‘Political vendetta’ has become the go-to excuse for the politically cornered. So overused now, it might as well be part of every party’s standard template.
Every knock is a conspiracy
Every time the law takes a step in the direction of a Bharat Rashtra Samithi (BRS) leader, K Chandrashekar Rao and K Taraka Rama Rao accuse Chief Minister Revanth Reddy of score-settling. A notice, a summon, a vague rumour — all instantly labelled as a political hit job.
Cry vendetta, rinse, repeat
Former Andhra chief minister YS Jagan Mohan Reddy needs no prompting. Any probe that so much as mentions his name is immediately blamed on Chandrababu Naidu and the Telugu Desam Party (TDP). The routine is predictable – indignation, a press conference, and silence when facts emerge.
Optics over evidence
Delhi ex-chief ministers Arvind Kejriwal and Atishi of the Aam Aadmi Party have been howling vendetta louder than a loudspeaker every time an agency knocks. ED summons? CBI visit? Delhi excise policy case? All, apparently, part of Modi’s grand scheme to ruin them. Evidence, of course, is incidental.
Old party, old playbook
The Congress has now dusted off its own well-worn outrage manual. The Gandhis are bemoaning harassment in the National Herald case, while Robert Vadra’s land deals are, apparently, nothing but a ‘cruel conspiracy’ to tarnish a perfectly respectable real estate career.

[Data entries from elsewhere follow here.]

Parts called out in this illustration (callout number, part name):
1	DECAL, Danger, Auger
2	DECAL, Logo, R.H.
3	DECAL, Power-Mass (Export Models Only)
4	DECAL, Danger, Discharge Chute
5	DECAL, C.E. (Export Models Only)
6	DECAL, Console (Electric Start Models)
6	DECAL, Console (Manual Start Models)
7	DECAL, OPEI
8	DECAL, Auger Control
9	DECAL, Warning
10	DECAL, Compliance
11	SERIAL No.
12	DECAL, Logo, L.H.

The Enforcement Directorate (ED) on Tuesday filed a chargesheet against Leader of the Opposition in the Lok Sabha Rahul Gandhi and senior Congress leader Sonia Gandhi in connection with the National Herald case.

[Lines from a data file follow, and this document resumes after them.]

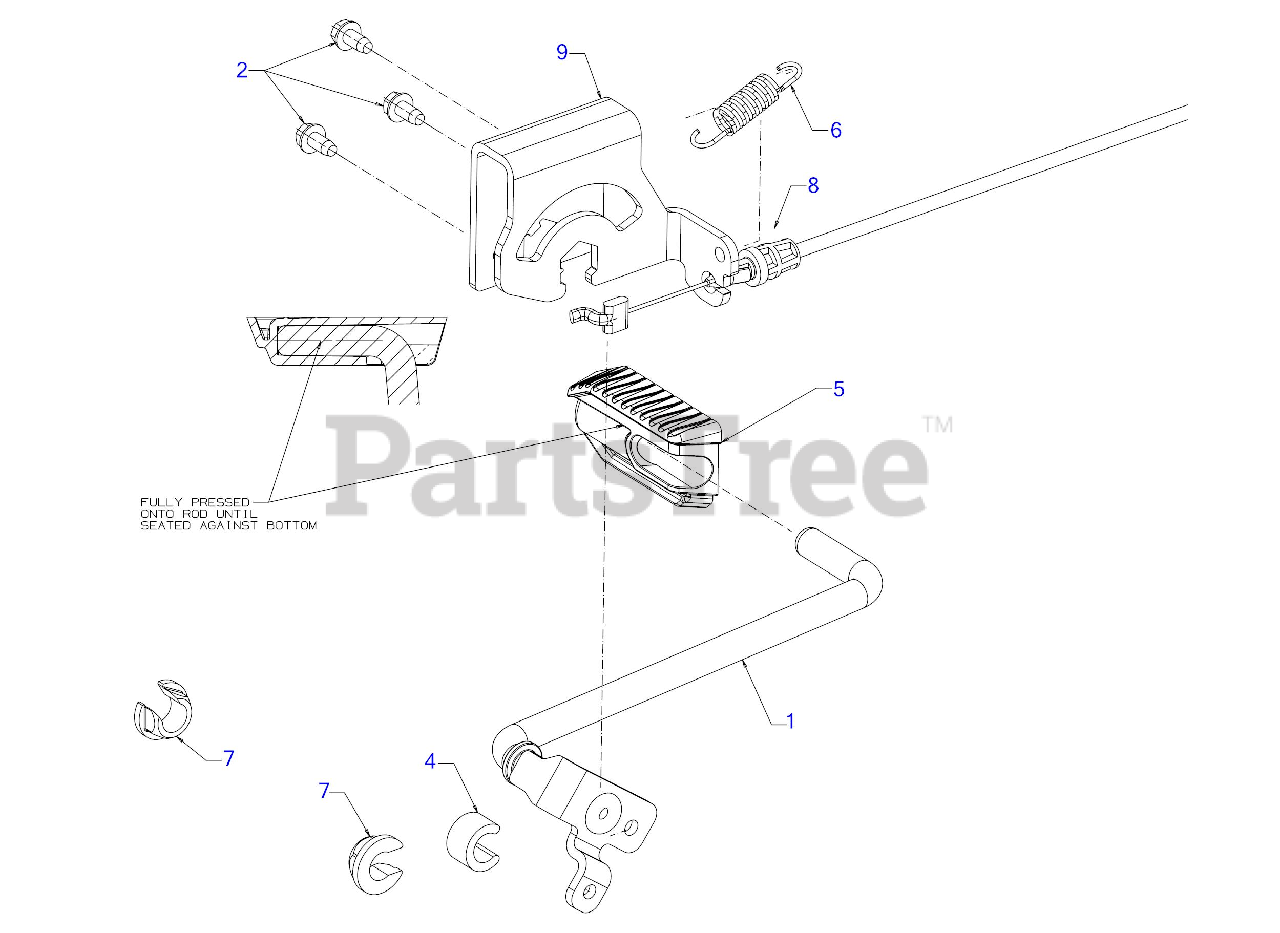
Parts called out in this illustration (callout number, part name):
1	ROD ASSEMBLY-LEVER
2	SCREW 1/4-20 X.500
4	CLIP SPACER
5	KICKSTAND COVER
6	EXTENSION SPRING
7	SPLIT HEX FLANGE BEARING
8	CONTROL CABLE 12.75"
9	KICKSTAND BRACKET

Other Congress leaders, including Sam Pitroda and Suman Dubey, have also been named as accused in the case.
The chargesheet was filed under the Prevention of Money Laundering Act (PMLA) for ‘commission of the offense of money laundering’ along with a section that deals with offense by companies and seeks to establish ‘vicarious liability’ of office-bearers and executives of the firm.

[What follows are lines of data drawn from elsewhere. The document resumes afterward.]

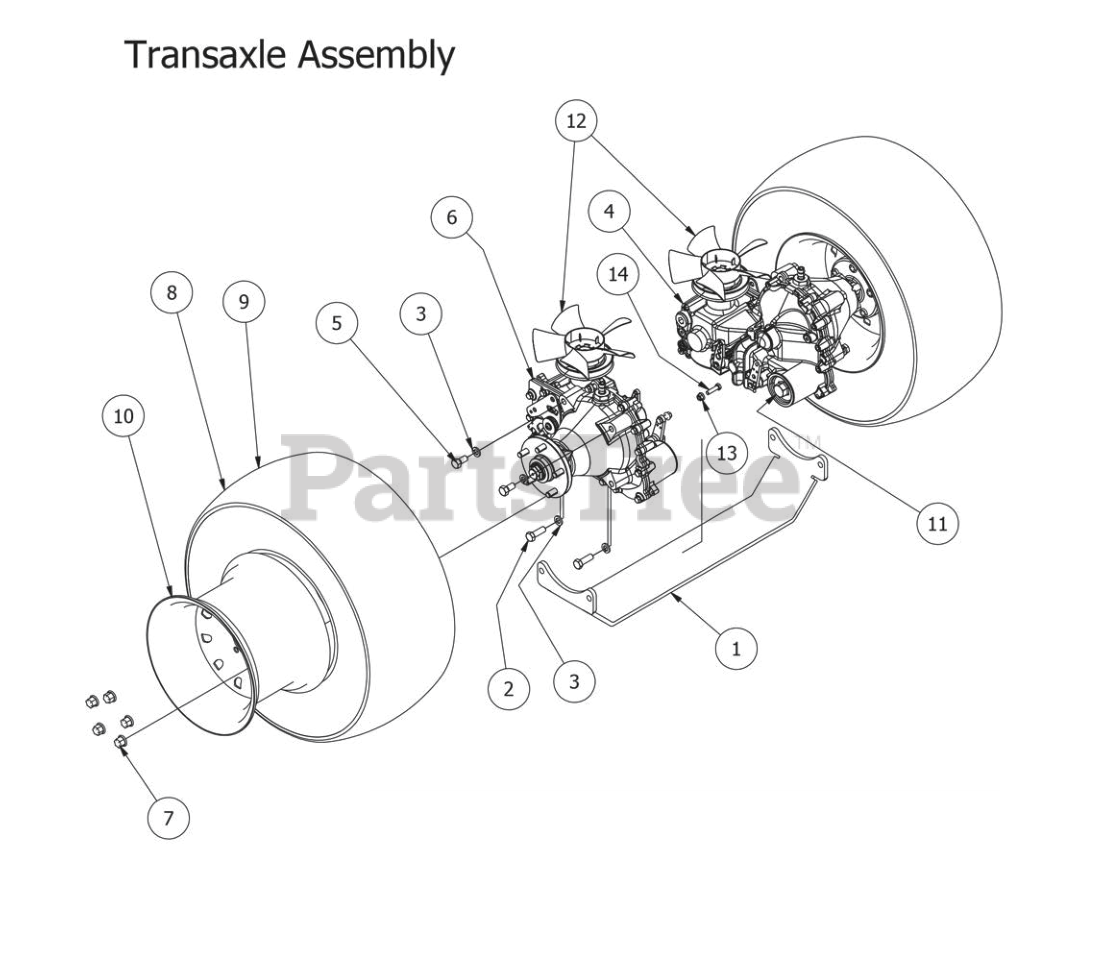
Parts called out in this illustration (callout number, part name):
1	Outlaw Transaxle Cross Brace
2	1/2" x 1 1/2" Hex Bolt
3	1/2" Lock Washer
4	ZT-5400 - Right
5	1/2" x 1" Hex Bolt
6	ZT-5400- Left
7	Acorn Lug Nut
8	24 x 12.00-10 Tire and Wheel assembly
9	24 x 12.00 10 outlaw Tire
10	10" Wheel For Outlaw
11	Hydro Filter for Outlaw
12	Fan/Pulley Kit for Outlaw
13	5/16" Nylon Flange Nut
14	5/16 x 1 1/4 Hex Bolt

The pattern is all drama, no defence
What is common across all these cries? A glaring lack of explanation. No real defence, no convincing proof of innocence – just a theatrical display of wounded righteousness. The narrative is always the same: ‘We are clean. The government is evil. How dare they ask questions?’ It’s no longer about truth or law. It is about optics. Victimhood is now a strategy, not a state of being.
Perhaps someone should compile a dossier of all such political sob stories. It might not help clear anyone’s name, but it would certainly save a few parties the trouble of drafting fresh statements every time the law catches up.